Remodeling of lipid bodies by docosahexaenoic acid in activated microglial cells.
Tremblay M, Zhang I, Disht K, Savage JC, Lecours C, Parent M, Titorenko V, and Maysinger D. (2016) Remodeling of lipid bodies by docosahexaenoic acid in activated microglial cells. Journal of Neuroinflammation, 13(116)
When administered to cell culture or animal models, lipopolysaccharide (LPS; more information can be found here) is used as a proinflammogen to induce an inflammatory response that can include microglial activation, cytokine expression, β-amyloid production, and plasmalogen reduction. Docosahexaenoic acid (DHA; 22:6n3) is an omega-3 polyunsaturated fatty acid that has a variety of biological roles depending on the cell type it is found in and because of this, its function in neural cells is not well understood. However, previous studies indicate that DHA has anti-inflammatory and immunomodulatory characteristics and has been beneficial in improving memory in older adults with mild memory impairments. DHA can be incorporated into the cellular membrane or into lipid bodies (LBs), biological micelles that consist of a lipophilic core containing neutral lipids and a phospholipid surface. Stabilized LBs have important roles in cell function, lipid homeostasis, and are sites for synthesis and storage of inflammatory mediators. Proper function of LBs is crucial, therefore, LB remodelling could be an early indicator of neuroinflammation or neurodegeneration. Tremblay et al analyzed how the incorporation of DHA influences organelle remodeling and its neuroprotective role in N9 microglial cells treated with LPS.
Transmission electron microscopy was used to examine the remodeling of LBs after LPS and/or DHA treatment. There were two types of LBs found in these experiments: lipid vacuoles with a bilayer around the outside and small lipid “droplets” surrounded by a monolayer. When treated with the vehicle, LPS, or DHA the LBs had features of lipid vacuoles, however when the cells were treated with both LPS and DHA fewer were seen. The vacuole size was also treatment dependent: the control cells had small lipid vacuoles, medium were found in the LPS treatment, and large within the DHA. As well, the lipid vacuoles covered the most area in the LPS treatment at ~0.35 μm^2 and the lowest being the control cells at ~0.1 μm^2. DHA was able to reduce the effect of LPS treatment on vacuole area to below 0.2 μm^2. These findings indicate that treatment of DHA causing an increase in LBs size and density associated with LBs reorganization and aggregation.
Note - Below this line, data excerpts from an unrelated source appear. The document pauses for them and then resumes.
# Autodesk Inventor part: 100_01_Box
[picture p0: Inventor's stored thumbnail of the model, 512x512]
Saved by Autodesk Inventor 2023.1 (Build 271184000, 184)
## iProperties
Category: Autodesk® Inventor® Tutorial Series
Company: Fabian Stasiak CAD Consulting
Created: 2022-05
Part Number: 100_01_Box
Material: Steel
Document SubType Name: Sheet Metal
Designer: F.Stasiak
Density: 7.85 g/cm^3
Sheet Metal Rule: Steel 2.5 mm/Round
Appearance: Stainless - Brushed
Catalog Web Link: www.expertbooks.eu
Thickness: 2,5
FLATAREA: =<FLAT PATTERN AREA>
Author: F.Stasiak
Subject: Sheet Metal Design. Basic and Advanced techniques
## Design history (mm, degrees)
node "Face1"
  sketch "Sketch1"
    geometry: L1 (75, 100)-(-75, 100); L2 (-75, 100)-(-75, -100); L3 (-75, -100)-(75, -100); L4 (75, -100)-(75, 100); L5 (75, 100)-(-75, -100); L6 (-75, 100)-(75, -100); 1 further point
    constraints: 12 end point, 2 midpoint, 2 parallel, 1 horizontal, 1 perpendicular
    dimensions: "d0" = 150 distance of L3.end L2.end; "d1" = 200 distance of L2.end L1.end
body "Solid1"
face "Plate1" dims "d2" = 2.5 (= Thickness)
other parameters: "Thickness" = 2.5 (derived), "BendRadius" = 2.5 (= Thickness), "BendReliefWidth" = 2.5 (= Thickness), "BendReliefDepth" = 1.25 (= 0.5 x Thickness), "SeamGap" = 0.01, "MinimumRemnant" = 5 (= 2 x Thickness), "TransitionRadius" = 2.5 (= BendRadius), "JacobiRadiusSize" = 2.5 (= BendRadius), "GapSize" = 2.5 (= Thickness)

Any association between LBs and organelles in the microglial cells was also analyzed using TEM. The control or LPS-treated cells had minimal contact between LBs and the mitochondria. Treatment with only DHA caused direct contact between LBs and mitochondria, but when the cells were treated with DHA and LPS many contacts between the two were found. LPS treatment also caused a disturbance in mitochondrial integrity seen through reduced or missing cristae and double membrane, both of which are incredibly important for the function of mitochondria. Interestingly, DHA was able to rescue these effects. Decreased mitochondrial membrane potential is associated with more reactive oxygen species (ROS), therefore Tremblay et al investigated the incorporation of tetramethylrhodamine ethyl ester (TMRE), a red fluorescent dye that is readily taken up by active mitochondria. Although the uptake was reduced by LPS compared to the control treatment, when also treated with DHA the levels were normalized. DHA treatment increased TMRE incorporation and was dependent on dose and time, indicating that mitochondrial function was influenced by the DHA.
LBs have also been shown to interact with the endoplasmic reticulum (ER) in mammalian cell lines and TEM was used to view the effects of DHA on this interaction. Similar to the mitochondria, with control or LPS treatment there were few contacts between the LBs and ER, however after either treatment including DHA there was more contact between the two. As well, in the LPS treatment, the ER lumen was dilated, which can be caused by oxidative stress, but this was not seen often in the control, DHA, or LPS+DHA treatment groups.
Tremblay et al demonstrated the role of DHA in LB remodeling and its ability to recover organelle defects in microglial cells caused by LPS. Although LPS reduced the integrity of mitochondrial membrane and dilated the ER lumen, among other organelle defects, the DHA supplementation was able to return these observations to at least similar levels seen in the control samples. It is unsurprising that increasing the number and size of LBs in a cell would cause different interactions between these components and other organelles, however these findings highlight their benefit. LPS treatments in animals are used to model Alzheimer’s disease (AD) and other neurodegenerative disorders because the associated pathology is similar to that seen in the brains of people with AD. If DHA, or similar polysaturated fatty acids or compounds containing such fatty acids, are able to mitigate some of the negative effects caused by LPS, this may suggest that these lipids could be treatment candidates for improving AD pathology.